**To do**. Take the entries below and retype them word for word, excluding the images.

=== Information provided ===

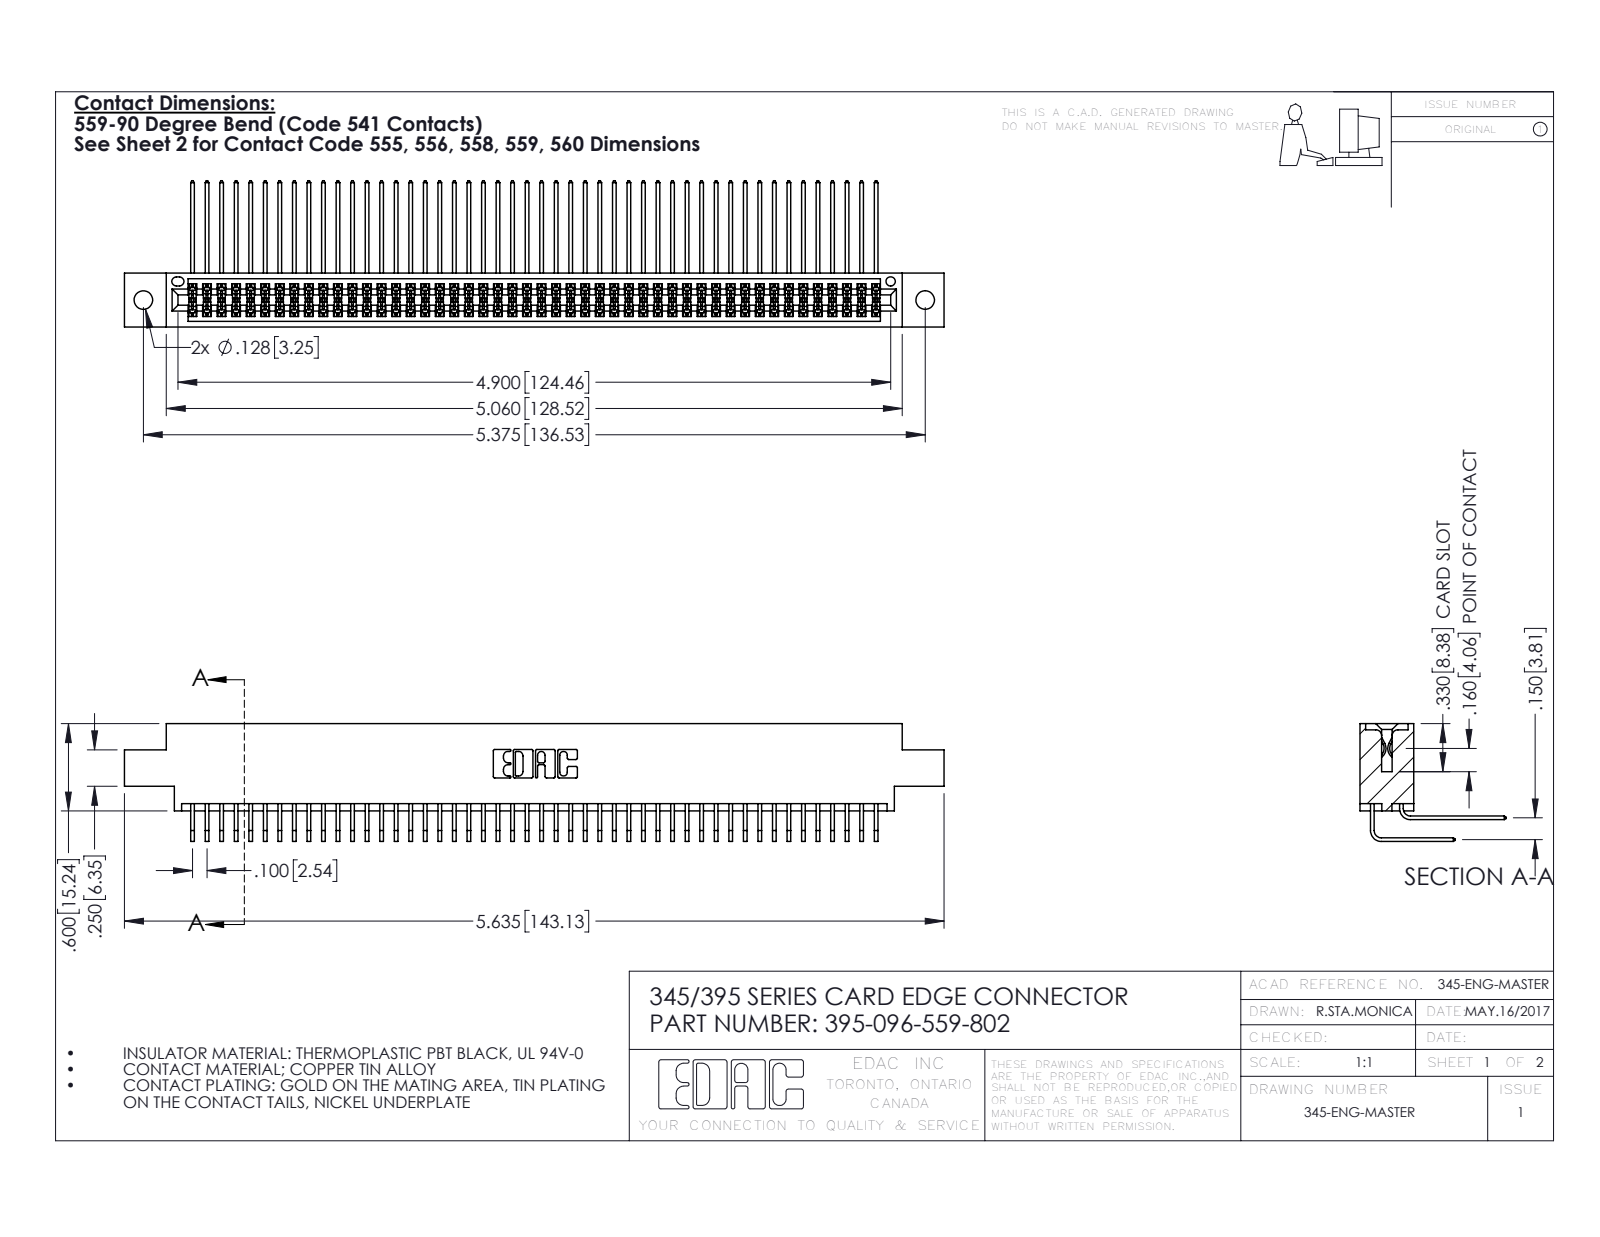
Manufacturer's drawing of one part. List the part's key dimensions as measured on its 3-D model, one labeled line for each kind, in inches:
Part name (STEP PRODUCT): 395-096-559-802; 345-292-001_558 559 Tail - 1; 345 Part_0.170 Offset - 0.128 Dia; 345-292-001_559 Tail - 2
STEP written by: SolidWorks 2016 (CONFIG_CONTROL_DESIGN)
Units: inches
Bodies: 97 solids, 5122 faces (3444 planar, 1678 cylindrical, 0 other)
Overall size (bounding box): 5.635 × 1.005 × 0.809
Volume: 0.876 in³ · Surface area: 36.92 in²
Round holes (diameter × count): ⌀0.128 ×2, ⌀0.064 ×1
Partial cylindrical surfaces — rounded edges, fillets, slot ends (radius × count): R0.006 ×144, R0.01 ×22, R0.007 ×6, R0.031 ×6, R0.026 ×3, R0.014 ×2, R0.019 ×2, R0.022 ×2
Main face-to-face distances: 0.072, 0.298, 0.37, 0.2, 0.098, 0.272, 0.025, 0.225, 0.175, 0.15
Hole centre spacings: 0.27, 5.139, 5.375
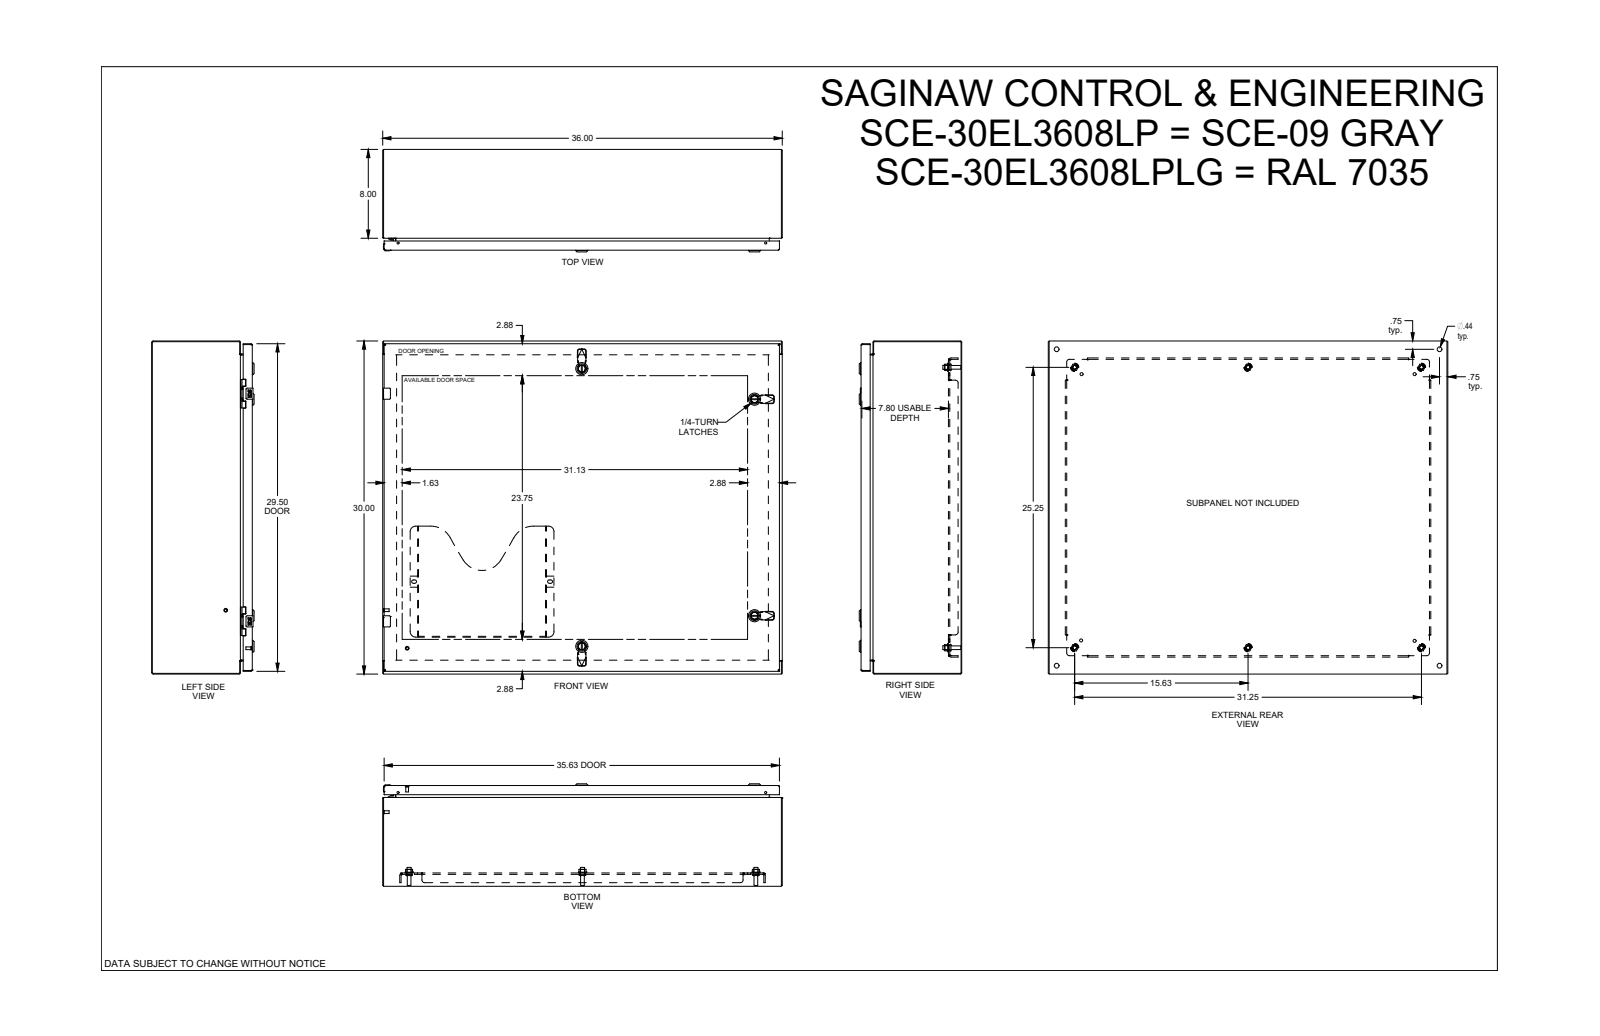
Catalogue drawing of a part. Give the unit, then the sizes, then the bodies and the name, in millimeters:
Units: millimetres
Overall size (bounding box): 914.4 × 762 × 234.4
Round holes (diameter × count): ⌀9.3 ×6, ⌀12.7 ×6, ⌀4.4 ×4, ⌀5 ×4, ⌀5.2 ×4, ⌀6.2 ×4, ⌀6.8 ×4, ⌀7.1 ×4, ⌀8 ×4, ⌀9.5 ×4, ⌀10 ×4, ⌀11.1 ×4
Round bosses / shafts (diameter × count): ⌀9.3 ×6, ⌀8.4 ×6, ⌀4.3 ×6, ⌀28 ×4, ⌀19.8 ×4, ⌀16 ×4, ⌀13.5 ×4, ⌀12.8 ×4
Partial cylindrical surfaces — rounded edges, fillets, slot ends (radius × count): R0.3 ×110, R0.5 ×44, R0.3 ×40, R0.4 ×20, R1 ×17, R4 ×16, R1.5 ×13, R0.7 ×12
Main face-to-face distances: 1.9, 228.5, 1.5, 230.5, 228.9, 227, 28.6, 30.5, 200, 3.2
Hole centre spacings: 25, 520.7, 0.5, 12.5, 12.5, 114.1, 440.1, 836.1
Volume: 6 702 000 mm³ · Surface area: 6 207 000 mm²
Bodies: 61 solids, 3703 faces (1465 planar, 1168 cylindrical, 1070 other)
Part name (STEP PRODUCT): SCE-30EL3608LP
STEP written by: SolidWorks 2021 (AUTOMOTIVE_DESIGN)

===

**Answer**.
Manufacturer's drawing of one part. List the part's key dimensions as measured on its 3-D model, one labeled line for each kind, in inches:
Part name (STEP PRODUCT): 395-096-559-802; 345-292-001_558 559 Tail - 1; 345 Part_0.170 Offset - 0.128 Dia; 345-292-001_559 Tail - 2
STEP written by: SolidWorks 2016 (CONFIG_CONTROL_DESIGN)
Units: inches
Bodies: 97 solids, 5122 faces (3444 planar, 1678 cylindrical, 0 other)
Overall size (bounding box): 5.635 × 1.005 × 0.809
Volume: 0.876 in³ · Surface area: 36.92 in²
Round holes (diameter × count): ⌀0.128 ×2, ⌀0.064 ×1
Partial cylindrical surfaces — rounded edges, fillets, slot ends (radius × count): R0.006 ×144, R0.01 ×22, R0.007 ×6, R0.031 ×6, R0.026 ×3, R0.014 ×2, R0.019 ×2, R0.022 ×2
Main face-to-face distances: 0.072, 0.298, 0.37, 0.2, 0.098, 0.272, 0.025, 0.225, 0.175, 0.15
Hole centre spacings: 0.27, 5.139, 5.375
Catalogue drawing of a part. Give the unit, then the sizes, then the bodies and the name, in millimeters:
Units: millimetres
Overall size (bounding box): 914.4 × 762 × 234.4
Round holes (diameter × count): ⌀9.3 ×6, ⌀12.7 ×6, ⌀4.4 ×4, ⌀5 ×4, ⌀5.2 ×4, ⌀6.2 ×4, ⌀6.8 ×4, ⌀7.1 ×4, ⌀8 ×4, ⌀9.5 ×4, ⌀10 ×4, ⌀11.1 ×4
Round bosses / shafts (diameter × count): ⌀9.3 ×6, ⌀8.4 ×6, ⌀4.3 ×6, ⌀28 ×4, ⌀19.8 ×4, ⌀16 ×4, ⌀13.5 ×4, ⌀12.8 ×4
Partial cylindrical surfaces — rounded edges, fillets, slot ends (radius × count): R0.3 ×110, R0.5 ×44, R0.3 ×40, R0.4 ×20, R1 ×17, R4 ×16, R1.5 ×13, R0.7 ×12
Main face-to-face distances: 1.9, 228.5, 1.5, 230.5, 228.9, 227, 28.6, 30.5, 200, 3.2
Hole centre spacings: 25, 520.7, 0.5, 12.5, 12.5, 114.1, 440.1, 836.1
Volume: 6 702 000 mm³ · Surface area: 6 207 000 mm²
Bodies: 61 solids, 3703 faces (1465 planar, 1168 cylindrical, 1070 other)
Part name (STEP PRODUCT): SCE-30EL3608LP
STEP written by: SolidWorks 2021 (AUTOMOTIVE_DESIGN)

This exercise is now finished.